Etcd worked really well in the beginning, however as we ramped up in the early beta we noticed that there would be periodic hangs in servicing the requests. It turned out that because etcd uses a log appending algorithm, then after a few thousand changes it needs to “flatten” through snapshots its view on the data. So our increasingly busy set of user projects would then trigger this regular flattening of the database, which led to the hangs. This ultimately became too painful, so for now, we’ve moved over to PostgreSQL. Etcd is probably a good solution for less volatile data, and where lookups aren’t as time sensitive.
The Go proxies worked out really well though, and apart from having to add support for proxying through Websockets, the native libraries met the majority of our base networking needs.
The Container Servers
Right from the outset, we settled on a user’s application being sandboxed in a Docker container running on AWS EC2 instances. An orchestration service would then need to coordinate the content on the disk, content changes with the editor, the Docker containers used for installation and running the user’s code, and the returning of all the necessary logs back to the user’s editor.
The challenge here is that some parts of the architecture needed to be fast, with low-latency exchanging of messages between the components, and others needed to handle long-running, blocking events such as starting a user’s application. To get around this, we used a messaging hub and spoke model. The hubs were non-blocking event loops that would listen and send on Go channels. The spokes would reflect the single instances of a project’s content with OT support or container environment via the Docker APIs. This architecture has worked well and enabled us in the early days to split the proxies off from the container servers without too much effort, and a messaging approach lends itself to decoupling components as needs arise.
Post-launch we ran into a number of Kernel bugs that only emerged as we scaled up. So we put a lot of effort into hardening Docker and making the environment stable and responsive. To get there we went through several OS and Docker version combinations. In the end, we settled on Ubuntu Xenial with Docker, which works well for stability under load.
Using HyperDev to Power HyperDev
One of the choices we made early on was to force some of our backend services to use HyperDev as their hosting solution so we are always dogfooding. This is important, as if we want people to trust and rely on HyperDev for their projects, then we should be happy do the same for our own too.

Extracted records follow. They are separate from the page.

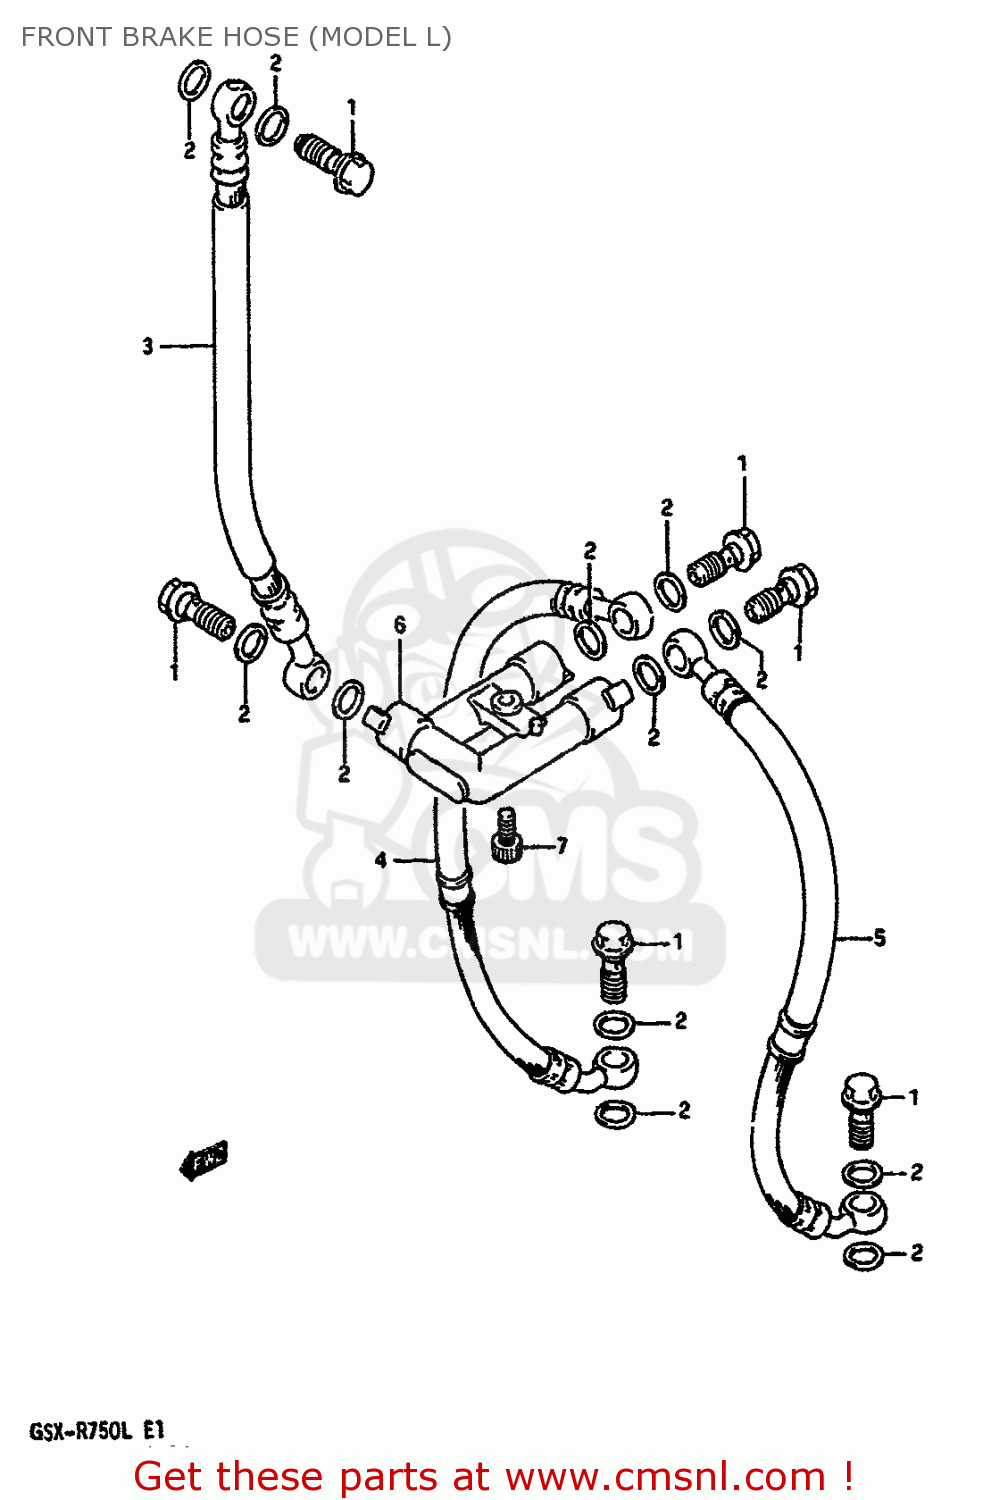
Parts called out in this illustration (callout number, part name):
1	BOLT UNION
2	WASHER(10X15X1.5)
3	HOSE COMP,FRONT BRAKE
4	HOSE COMP,FRONT BRAKE
5	HOSE,FR BRAKE NO.2,L
6	JOINT,BRAKE HOSE
7	BOLT
8	ADAPTER,BRAKE HOSE
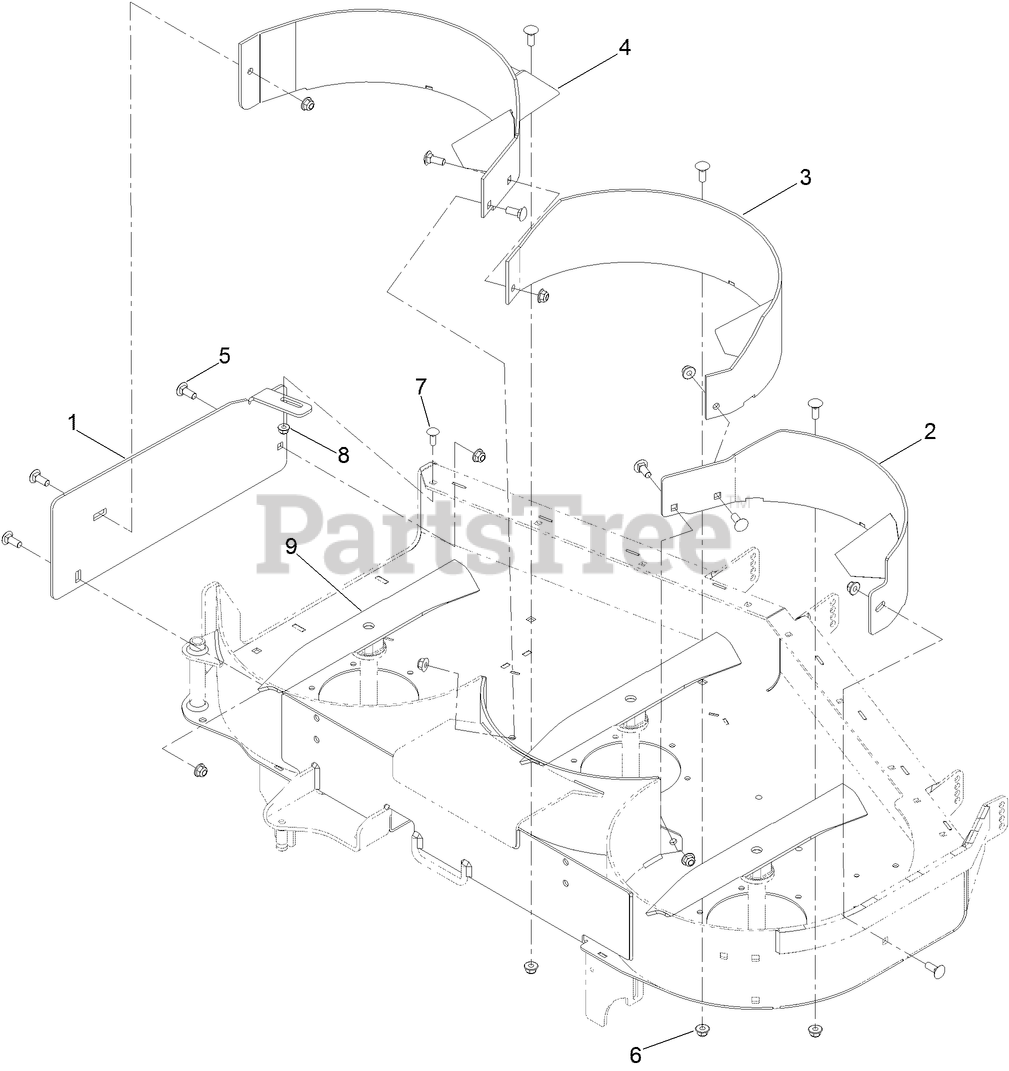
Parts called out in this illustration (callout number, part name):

We did this for the “About” and “Community” pages on our site without too many problems. The big one for us though was Authentication and Authorization as it’s the first service used once the frontend is running. So any problems on the backend are customer-facing and immediately impact a user’s experience of the product. This has caused some growing pains over using more mature, battle-hardened options. But it has meant we’ve been focused on reliability from the outset and it proves that you can use HyperDev to create complex projects, rather than just toy apps.
Overall, we’re happy with our stack. We’ve had to learn a number of lessons quickly as our launch brought more than 3 times the number of users we had anticipated (but that’s a nice problem to have!) However, no early-stage stack is perfect and we’re continuing to refine and try different options as we continue to scale up, improve speed and performance of the service and deliver the rock-solid reliability our users deserve.